WHAT THE EXERCISE ASKS – Copy out each line featuring the string "font" from the entries beneath.

[Records from a dataset]
◆ ◆ ◆ ◆ ◆

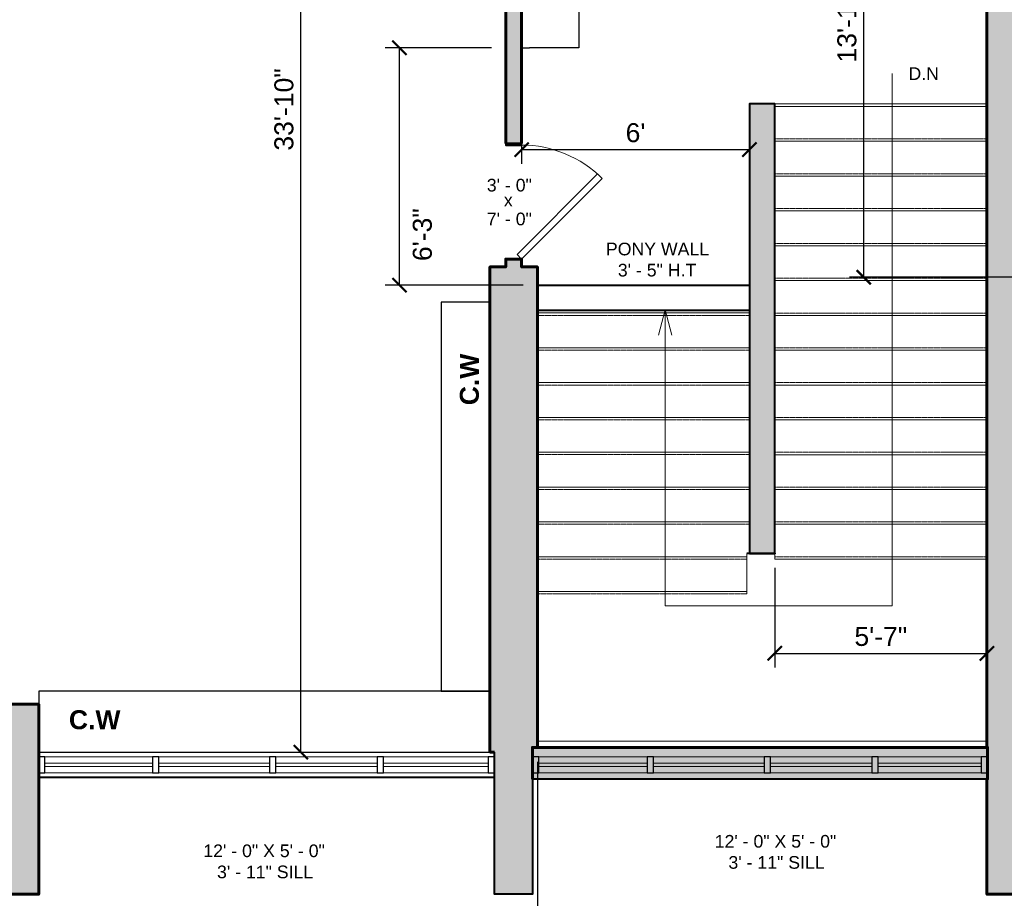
# Model space of a CAD drawing. Header units: inches. Extents: x -2078 to 109126, y -964 to 6385.
# Tile 152 of 256: x 25396 to 25707, y 3670 to 3947. Entities that reach past the tile are written whole.
import ezdxf

# ---------------------------------------------------------------- set-up
doc = ezdxf.new("R2010")
doc.units = ezdxf.units.IN
doc.header["$MEASUREMENT"] = 0
doc.linetypes.add('Overhead 1_16_', pattern=[0.101562, 0.0625, -0.039062])
for name, color, linetype, lineweight in [('A-ANNO', 2, 'Continuous', 5), ('A-ANNO-DIMS', 1, 'Continuous', 9), ('A-CASE', 4, 'Continuous', 9), ('A-DOOR', 1, 'Continuous', 18), ('A-FLOR', 6, 'Continuous', 18), ('A-GLAZ-CURT', 52, 'Continuous', 9), ('A-GLAZ-CWMG', 51, 'Continuous', 9), ('A-STRS', 4, 'Continuous', 9), ('A-WALL', 3, 'Continuous', 40), ('A-WINDOWS', 2, 'Continuous', 18), ('Q-CASE', 4, 'Continuous', 30)]:
    doc.layers.add(name, color=color, linetype=linetype, lineweight=lineweight)
doc.layers.add('A-HATCH', color=9, linetype='Continuous')
doc.styles.add('Arial_1', font='arial.ttf', dxfattribs={"height": 0.0625})
doc.styles.add('Arial_2', font='arial.ttf', dxfattribs={"height": 3})
doc.styles.add('Arial_B', font='arialbd.ttf', dxfattribs={"height": 4.5})
doc.styles.add('JC', font='arial.ttf', dxfattribs={"height": 0.125})
doc.dimstyles.new('JC-DIMS', dxfattribs={"dimtxt": 0.125, "dimasz": 0.09375, "dimexe": 0.09375, "dimexo": 0.09375, "dimgap": 0.046875, "dimtad": 1, "dimdec": 1, "dimzin": 0, "dimdsep": 46, "dimlunit": 4, "dimtxsty": 'JC', "dimblk": 'ARCHTICK', "dimcen": 0.09, "dimclrd": 1, "dimclre": 1, "dimclrt": 256, "dimadec": 0, "dimazin": 0, "dimtfac": 1, "dimtdec": 1, "dimtofl": 0, "dimtmove": 1, "dimatfit": 3, "dimfxl": 1, "dimtolj": 1, "dimtzin": 0, "dimarcsym": 0})

# ---------------------------------------------------------------- blocks, each defined once
blk = doc.blocks.new('JC_DOOR_SINGLE PANEL - SINGLE DOOR-1525222-3RD FL')
at = {"layer": 'A-DOOR', "lineweight": 30}
for p, q in [((-7.46, 27.96), (-8.87, 26.54)), ((-8.87, 26.54), (16.59, 1.09)), ((18, 2.5), (-7.46, 27.96)), ((16.59, 1.09), (18, 2.5))]:
    blk.add_line(p, q, dxfattribs=at)
at = {"layer": 'A-DOOR', "lineweight": 9}
blk.add_arc((18, 2.5), 36, 135, 180, dxfattribs=at)
blk = doc.blocks.new('Instance - Opening - 16_ x 24_-1694086-3RD FL')
at = {"layer": 'A-WINDOWS'}
for p, q in [((-72, -5), (-72, 5)), ((-72, 5), (72, 5)), ((72, 5), (72, -5)), ((72, -5), (-72, -5))]:
    blk.add_line(p, q, dxfattribs=at)
blk = doc.blocks.new('System Panel - Glazed-V1-3RD FL')
at = {"layer": 'A-GLAZ-CURT', "lineweight": 18}
for p, q in [((17.5, 0.5), (-17.5, 0.5)), ((-17.5, 0.5), (-17.5, -0.5)), ((17.5, -0.5), (17.5, 0.5)), ((-17.5, -0.5), (17.5, -0.5))]:
    blk.add_line(p, q, dxfattribs=at)
blk = doc.blocks.new('System Panel - Glazed-1580689-3RD FL')
at = {"layer": 'A-GLAZ-CURT', "lineweight": 18}
for p, q in [((16, 0.5), (-16, 0.5)), ((-16, 0.5), (-16, -0.5)), ((16, -0.5), (16, 0.5)), ((-16, -0.5), (16, -0.5))]:
    blk.add_line(p, q, dxfattribs=at)
blk = doc.blocks.new('System Panel - Glazed-1580690-3RD FL')
at = {"layer": 'A-GLAZ-CURT', "lineweight": 18}
for p, q in [((16.28, 0.5), (-16.28, 0.5)), ((-16.28, 0.5), (-16.28, -0.5)), ((16.28, -0.5), (16.28, 0.5)), ((-16.28, -0.5), (16.28, -0.5))]:
    blk.add_line(p, q, dxfattribs=at)
blk = doc.blocks.new('Rectangular Mullion - 2_5_ x 5_ rectangular-1580691-3RD FL')
at = {"layer": 'A-GLAZ-CWMG', "lineweight": 30}
for p, q in [((0, 2.5), (-2, 2.5)), ((-2, 2.5), (-2, -2.5)), ((0, -2.5), (0, 2.5)), ((-2, -2.5), (0, -2.5))]:
    blk.add_line(p, q, dxfattribs=at)
blk = doc.blocks.new('Rectangular Mullion - 2_5_ x 5_ rectangular-1580692-3RD FL')
at = {"layer": 'A-GLAZ-CWMG', "lineweight": 30}
for p, q in [((-2, 2.5), (0, 2.5)), ((-2, -2.5), (-2, 2.5)), ((0, 2.5), (0, -2.5)), ((0, -2.5), (-2, -2.5))]:
    blk.add_line(p, q, dxfattribs=at)
blk = doc.blocks.new('Rectangular Mullion - 2_5_ x 5_ rectangular-1580684-3RD FL')
at = {"layer": 'A-GLAZ-CWMG', "lineweight": 30}
for p, q in [((-1, 2.5), (1, 2.5)), ((-1, -2.5), (-1, 2.5)), ((1, 2.5), (1, -2.5)), ((1, -2.5), (-1, -2.5))]:
    blk.add_line(p, q, dxfattribs=at)
blk = doc.blocks.new('Rectangular Mullion - 2_5_ x 5_ rectangular-1575378-3RD FL')
at = {"layer": 'A-GLAZ-CWMG'}
for p, q in [((206.91, 464.57), (171.91, 464.57)), ((206.91, 459.57), (171.91, 459.57))]:
    blk.add_line(p, q, dxfattribs=at)
blk = doc.blocks.new('Rectangular Mullion - 2_5_ x 5_ rectangular-1576960-3RD FL')
at = {"layer": 'A-GLAZ-CWMG'}
for p, q in [((984.3, 463.57), (952.3, 463.57)), ((984.3, 458.57), (952.3, 458.57))]:
    blk.add_line(p, q, dxfattribs=at)
blk = doc.blocks.new('Rectangular Mullion - 2_5_ x 5_ rectangular-1580685-3RD FL')
at = {"layer": 'A-GLAZ-CWMG'}
for p, q in [((-407.63, -381.94), (-440.2, -381.94)), ((-407.63, -386.94), (-440.2, -386.94))]:
    blk.add_line(p, q, dxfattribs=at)
blk = doc.blocks.new('Instance - Opening - 16_ x 24_-1693948-3RD FL')
at = {"layer": 'A-WINDOWS'}
for p, q in [((-72, -4), (-72, 4)), ((-72, 4), (72, 4)), ((72, 4), (72, -4)), ((72, -4), (-72, -4))]:
    blk.add_line(p, q, dxfattribs=at)
blk = doc.blocks.new('System Panel - Glazed-1580687-3RD FL')
at = {"layer": 'A-GLAZ-CURT', "lineweight": 18}
for p, q in [((17, 0.5), (-17, 0.5)), ((-17, 0.5), (-17, -0.5)), ((17, -0.5), (17, 0.5)), ((-17, -0.5), (17, -0.5))]:
    blk.add_line(p, q, dxfattribs=at)
blk = doc.blocks.new('System Panel - Glazed-1686827-3RD FL')
at = {"layer": 'A-GLAZ-CURT', "lineweight": 18}
for p, q in [((16.53, 0.5), (-16.53, 0.5)), ((-16.53, 0.5), (-16.53, -0.5)), ((16.53, -0.5), (16.53, 0.5)), ((-16.53, -0.5), (16.53, -0.5))]:
    blk.add_line(p, q, dxfattribs=at)
blk = doc.blocks.new('Casework 10 - Casework 10-1681859-3RD FL')
at = {"layer": 'Q-CASE'}
for p, q in [((-534.51, 82.23), (-552.63, 82.23)), ((-552.63, 82.23), (-552.63, -159.44)), ((-534.51, 82.23), (-534.51, -159.44)), ((-552.63, -159.44), (-550.13, -159.44)), ((-534.51, -159.44), (-550.13, -159.44))]:
    blk.add_line(p, q, dxfattribs=at)
blk = doc.blocks.new('Casework 18 - Casework 10-1693778-3RD FL')
at = {"layer": 'Q-CASE'}
for p, q in [((-513.35, -87), (-528.71, -87)), ((-528.71, -87), (-528.71, -209.93)), ((-513.35, -209.93), (-513.35, -87)), ((-528.71, -209.93), (-513.35, -209.93))]:
    blk.add_line(p, q, dxfattribs=at)
blk = doc.blocks.new('Casework 19 - Casework 10-1693838-3RD FL')
at = {"layer": 'Q-CASE'}
for p, q in [((-387.25, -203.46), (-529.82, -203.46)), ((-529.82, -203.46), (-529.82, -222.68)), ((-387.25, -222.68), (-387.25, -203.46)), ((-529.82, -222.68), (-387.25, -222.68))]:
    blk.add_line(p, q, dxfattribs=at)
blk = doc.blocks.new('_ArchTick')
at = {"color": 0, "linetype": 'ByBlock', "const_width": 0.15}
blk.add_lwpolyline([(-0.5, -0.5), (0.5, 0.5)], dxfattribs=at)
blk = doc.blocks.new('*D765')
at = {"layer": 'A-ANNO-DIMS', "color": 1, "lineweight": -2, "transparency": 16777216}
for p, q in [((25559.33, 3713.01), (25559.33, 3379.5)), ((25701.33, 3666.66), (25701.33, 3379.5)), ((25559.33, 3384), (25701.33, 3384))]:
    blk.add_line(p, q, dxfattribs=at)
at = {"layer": 'Defpoints', "color": 0, "transparency": 16777216}
for p in [(25559.33, 3717.51), (25701.33, 3671.16), (25701.33, 3384)]:
    blk.add_point(p, dxfattribs=at)
at = {"layer": 'A-ANNO-DIMS', "color": 1, "lineweight": -2, "transparency": 16777216, "xscale": 4.5, "yscale": 4.5, "zscale": 4.5, "rotation": 180}
blk.add_blockref('_ArchTick', (25559.33, 3384), dxfattribs=at)
at = {"layer": 'A-ANNO-DIMS', "color": 1, "lineweight": -2, "transparency": 16777216, "xscale": 4.5, "yscale": 4.5, "zscale": 4.5}
blk.add_blockref('_ArchTick', (25701.33, 3384), dxfattribs=at)
at = {"layer": 'A-ANNO-DIMS', "transparency": 16777216, "insert": (25630.33, 3389.32), "char_height": 6, "width": 0.5739, "attachment_point": 5, "style": 'JC'}
blk.add_mtext('\\A1;11\'-10"', dxfattribs=at)
blk = doc.blocks.new('*D767')
at = {"layer": 'A-ANNO-DIMS', "color": 1, "lineweight": -2, "transparency": 16777216}
for p, q in [((25401.76, 3666.66), (25401.76, 3422.48)), ((25545.76, 3666.66), (25545.76, 3422.48)), ((25401.76, 3426.98), (25545.76, 3426.98))]:
    blk.add_line(p, q, dxfattribs=at)
at = {"layer": 'Defpoints', "color": 0, "transparency": 16777216}
for p in [(25401.76, 3671.16), (25545.76, 3671.16), (25545.76, 3426.98)]:
    blk.add_point(p, dxfattribs=at)
at = {"layer": 'A-ANNO-DIMS', "color": 1, "lineweight": -2, "transparency": 16777216, "xscale": 4.5, "yscale": 4.5, "zscale": 4.5, "rotation": 180}
blk.add_blockref('_ArchTick', (25401.76, 3426.98), dxfattribs=at)
at = {"layer": 'A-ANNO-DIMS', "color": 1, "lineweight": -2, "transparency": 16777216, "xscale": 4.5, "yscale": 4.5, "zscale": 4.5}
blk.add_blockref('_ArchTick', (25545.76, 3426.98), dxfattribs=at)
at = {"layer": 'A-ANNO-DIMS', "transparency": 16777216, "insert": (25473.76, 3432.24), "char_height": 6, "width": 0.4874, "attachment_point": 5, "style": 'JC'}
blk.add_mtext("\\A1;12'", dxfattribs=at)
blk = doc.blocks.new('*D801')
at = {"layer": 'A-ANNO-DIMS', "color": 1, "lineweight": -2, "transparency": 16777216}
for p, q in [((25180.76, 3666.42), (25180.76, 3379.5)), ((25545.76, 3666.66), (25545.76, 3379.5)), ((25180.76, 3384), (25545.76, 3384))]:
    blk.add_line(p, q, dxfattribs=at)
at = {"layer": 'Defpoints', "color": 0, "transparency": 16777216}
for p in [(25180.76, 3670.92), (25545.76, 3671.16), (25545.76, 3384)]:
    blk.add_point(p, dxfattribs=at)
at = {"layer": 'A-ANNO-DIMS', "color": 1, "lineweight": -2, "transparency": 16777216, "xscale": 4.5, "yscale": 4.5, "zscale": 4.5, "rotation": 180}
blk.add_blockref('_ArchTick', (25180.76, 3384), dxfattribs=at)
at = {"layer": 'A-ANNO-DIMS', "color": 1, "lineweight": -2, "transparency": 16777216, "xscale": 4.5, "yscale": 4.5, "zscale": 4.5}
blk.add_blockref('_ArchTick', (25545.76, 3384), dxfattribs=at)
at = {"layer": 'A-ANNO-DIMS', "transparency": 16777216, "insert": (25363.26, 3389.32), "char_height": 6, "width": 0.4874, "attachment_point": 5, "style": 'JC'}
blk.add_mtext('\\A1;30\'-5"', dxfattribs=at)
blk = doc.blocks.new('*D727')
at = {"layer": 'A-ANNO-DIMS', "color": 1, "lineweight": -2, "transparency": 16777216}
for p, q in [((25717.83, 4023.02), (25657.94, 4023.02)), ((25662.44, 3866.02), (25662.44, 4023.02)), ((25717.83, 3866.02), (25657.94, 3866.02))]:
    blk.add_line(p, q, dxfattribs=at)
at = {"layer": 'Defpoints', "color": 0, "transparency": 16777216}
for p in [(25662.44, 4023.02), (25722.33, 4023.02), (25722.33, 3866.02)]:
    blk.add_point(p, dxfattribs=at)
at = {"layer": 'A-ANNO-DIMS', "color": 1, "lineweight": -2, "transparency": 16777216, "xscale": 4.5, "yscale": 4.5, "zscale": 4.5}
for p, rotation in [((25662.44, 4023.02), 90), ((25662.44, 3866.02), 270)]:
    blk.add_blockref('_ArchTick', p, dxfattribs=dict(at, rotation=rotation))
at = {"layer": 'A-ANNO-DIMS', "transparency": 16777216, "insert": (25657.13, 3944.52), "char_height": 6, "width": 0.4874, "attachment_point": 5, "rotation": 90, "style": 'JC'}
blk.add_mtext('\\A1;13\'-1"', dxfattribs=at)
blk = doc.blocks.new('*D729')
at = {"layer": 'A-ANNO-DIMS', "color": 1, "lineweight": -2, "transparency": 16777216}
for p, q in [((25634.33, 3774.23), (25634.33, 3742.73)), ((25634.33, 3747.23), (25701.33, 3747.23)), ((25701.33, 3748.39), (25701.33, 3742.73))]:
    blk.add_line(p, q, dxfattribs=at)
at = {"layer": 'Defpoints', "color": 0, "transparency": 16777216}
for p in [(25634.33, 3778.73), (25701.33, 3752.89), (25701.33, 3747.23)]:
    blk.add_point(p, dxfattribs=at)
at = {"layer": 'A-ANNO-DIMS', "color": 1, "lineweight": -2, "transparency": 16777216, "xscale": 4.5, "yscale": 4.5, "zscale": 4.5, "rotation": 180}
blk.add_blockref('_ArchTick', (25634.33, 3747.23), dxfattribs=at)
at = {"layer": 'A-ANNO-DIMS', "color": 1, "lineweight": -2, "transparency": 16777216, "xscale": 4.5, "yscale": 4.5, "zscale": 4.5}
blk.add_blockref('_ArchTick', (25701.33, 3747.23), dxfattribs=at)
at = {"layer": 'A-ANNO-DIMS', "transparency": 16777216, "insert": (25667.83, 3752.53), "char_height": 6, "width": 0.4008, "attachment_point": 5, "style": 'JC'}
blk.add_mtext('\\A1;5\'-7"', dxfattribs=at)
blk = doc.blocks.new('*D733')
at = {"layer": 'A-ANNO-DIMS', "color": 1, "lineweight": -2, "transparency": 16777216}
for p, q in [((25554.33, 3907.49), (25554.33, 3901.83)), ((25626.33, 3907.49), (25626.33, 3901.83)), ((25554.33, 3906.33), (25626.33, 3906.33))]:
    blk.add_line(p, q, dxfattribs=at)
at = {"layer": 'Defpoints', "color": 0, "transparency": 16777216}
for p in [(25554.33, 3911.99), (25626.33, 3911.99), (25626.33, 3906.33)]:
    blk.add_point(p, dxfattribs=at)
at = {"layer": 'A-ANNO-DIMS', "color": 1, "lineweight": -2, "transparency": 16777216, "xscale": 4.5, "yscale": 4.5, "zscale": 4.5, "rotation": 180}
blk.add_blockref('_ArchTick', (25554.33, 3906.33), dxfattribs=at)
at = {"layer": 'A-ANNO-DIMS', "color": 1, "lineweight": -2, "transparency": 16777216, "xscale": 4.5, "yscale": 4.5, "zscale": 4.5}
blk.add_blockref('_ArchTick', (25626.33, 3906.33), dxfattribs=at)
at = {"layer": 'A-ANNO-DIMS', "transparency": 16777216, "insert": (25590.33, 3911.65), "char_height": 6, "width": 0.4008, "attachment_point": 5, "style": 'JC'}
blk.add_mtext("\\A1;6'", dxfattribs=at)
blk = doc.blocks.new('*D735')
at = {"layer": 'A-ANNO-DIMS', "color": 1, "lineweight": -2, "transparency": 16777216}
for p, q in [((25544.83, 3938.51), (25511.24, 3938.51)), ((25515.74, 3863.51), (25515.74, 3938.51)), ((25554.83, 3863.51), (25511.24, 3863.51))]:
    blk.add_line(p, q, dxfattribs=at)
at = {"layer": 'Defpoints', "color": 0, "transparency": 16777216}
for p in [(25515.74, 3938.51), (25549.33, 3938.51), (25559.33, 3863.51)]:
    blk.add_point(p, dxfattribs=at)
at = {"layer": 'A-ANNO-DIMS', "color": 1, "lineweight": -2, "transparency": 16777216, "xscale": 4.5, "yscale": 4.5, "zscale": 4.5}
for p, rotation in [((25515.74, 3938.51), 90), ((25515.74, 3863.51), 270)]:
    blk.add_blockref('_ArchTick', p, dxfattribs=dict(at, rotation=rotation))
at = {"layer": 'A-ANNO-DIMS', "transparency": 16777216, "insert": (25519.95, 3871.13), "char_height": 6, "width": 0.4008, "attachment_point": 1, "rotation": 90, "line_spacing_factor": 0.941778, "style": 'JC'}
blk.add_mtext('\\A1;6\'-3"', dxfattribs=at)
blk = doc.blocks.new('*D737')
at = {"layer": 'A-ANNO-DIMS', "color": 1, "lineweight": -2, "transparency": 16777216}
for p, q in [((25483.42, 4122.02), (25489.08, 4122.02)), ((25484.58, 3716.02), (25484.58, 4122.02)), ((25483.42, 3716.02), (25489.08, 3716.02))]:
    blk.add_line(p, q, dxfattribs=at)
at = {"layer": 'Defpoints', "color": 0, "transparency": 16777216}
for p in [(25478.92, 4122.02), (25484.58, 4122.02), (25478.92, 3716.02)]:
    blk.add_point(p, dxfattribs=at)
at = {"layer": 'A-ANNO-DIMS', "color": 1, "lineweight": -2, "transparency": 16777216, "xscale": 4.5, "yscale": 4.5, "zscale": 4.5}
for p, rotation in [((25484.58, 4122.02), 90), ((25484.58, 3716.02), 270)]:
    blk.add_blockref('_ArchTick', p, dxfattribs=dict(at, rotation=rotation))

◆ ◆ ◆ ◆ ◆

ANSWER AREA –
doc.styles.add('Arial_1', font='arial.ttf', dxfattribs={"height": 0.0625})
doc.styles.add('Arial_2', font='arial.ttf', dxfattribs={"height": 3})
doc.styles.add('Arial_B', font='arialbd.ttf', dxfattribs={"height": 4.5})
doc.styles.add('JC', font='arial.ttf', dxfattribs={"height": 0.125})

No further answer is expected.